As for the writing process on Repeat, Black shares that it’s been a lot more collaborative this time around. The band, she says, is moving into the “let’s just see what happens and jam for a while mode—which feels great. And we’re just better musicians [now].”
Black concludes by reiterating her love for Portland, insisting that after Spoon Benders moves this summer they’ll be playing shows here just as often as they have been (the band has been touring widely, playing festivals like Oakland’s Mosswood Meltdown and Boise’s Treefort, with bigger tours to be announced soon).

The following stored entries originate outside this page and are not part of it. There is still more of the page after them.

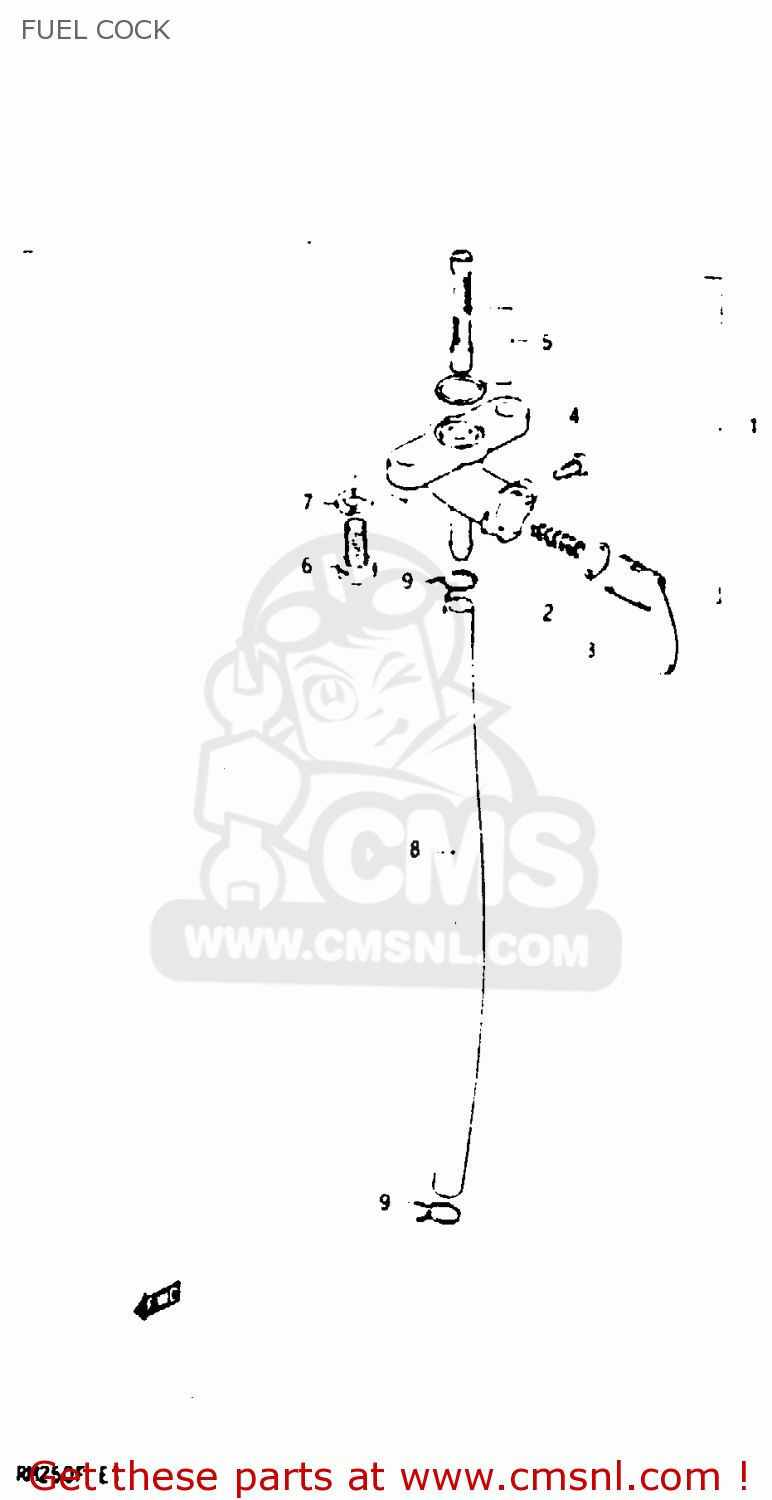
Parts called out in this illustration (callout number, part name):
1	COCK ASSY,FUEL
2	SPRING,FUEL COCK VALUE
3	O RING,LEVER
4	SCREW
5	FILTER SET FUEL
6	SCREW
7	LOCK WASHER
8	HOSE,FUEL
9	CLAMP

“It’s like a bad word to say L.A.,” Black laughs, adding, “It seems really counterintuitive to leave such a wonderful place that cultivates so much art. Portland is such a great place to be an artist. But I need to be uncomfortable.”

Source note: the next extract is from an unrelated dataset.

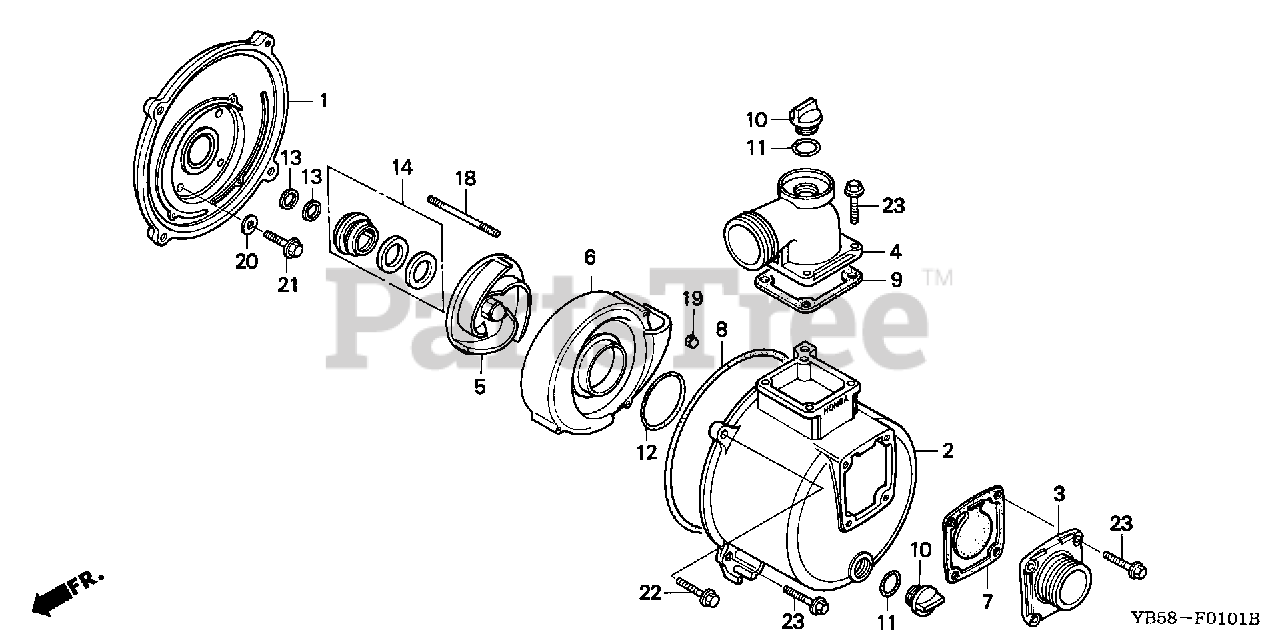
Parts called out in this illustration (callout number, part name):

SEE IT: Spoon Benders performs at their album release party with Forty Feet Tall at Doug Fir Lounge, 830 E Burnside St., 503-231-9663, dougfirlounge.com. 9 pm Friday, May 12. $15. 21+.
BY DANIEL BROMFIELD @bromf3
SATURDAY, MAY 13:
Imagine what a goth-rock song sounds like and there’s a good chance what plays in your head will sound a lot like Molchat Doma . The Belarusian group leans completely into the sound of ’70s and ’80s gloom peddlers like Joy Division and Bauhaus, and their visual aesthetic is unlikely to correct anyone’s ideas of Eastern Europe as a place of unfriendly skies and weird-looking apartment buildings. Their ubiquity on TikTok has made them unlikely stars in a musical and cultural landscape where “aesthetic” is king. Crystal Ballroom, 1332 W Burnside St., 503-225-0047, crystalballroompdx.com. 9 pm. $30. All ages.
TUESDAY, MAY 16:
Gary Numan has turned worldbuilding into a nearly 50-year career. Enamored with sci-fi concepts and techno-existential quandaries ever since he first became a star in his teens with the icy electro-punk band Tubeway Army, Numan has long pursued a vision that’s as once chilling and endearing. No matter how much listening to his songs can feel like being chased by a steamroller, the joy of an adolescent transforming his darkly futuristic visions into catchy pop music still shines through in the 65-year-old’s music. Revolution Hall, 1300 SE Stark St., 971-8085094, revolutionhall.com. 8 pm. $35. 21+.
WEDNESDAY, MAY 17:
Since 1998, San Diego’s Jimmy LaValle has made music for the part of the brain that feels a twinge of awe upon walking into a Sharper Image or a stereo showroom. His work as The Album Leaf is elegant, pristine, ambient, and centered on the Rhodes electric piano. Small wonder his music played a major role in Helvetica a movie about the ubiquitous font—and a love letter to design, just like LaValle’s music. His newest album, Future Falling, his first since 2016, features singers Kimbra and Bat for Lashes. Mission Theater, 1624 NW Glisan St., 503-223-4527, mcmenamins.com. 8 pm. $25. All ages.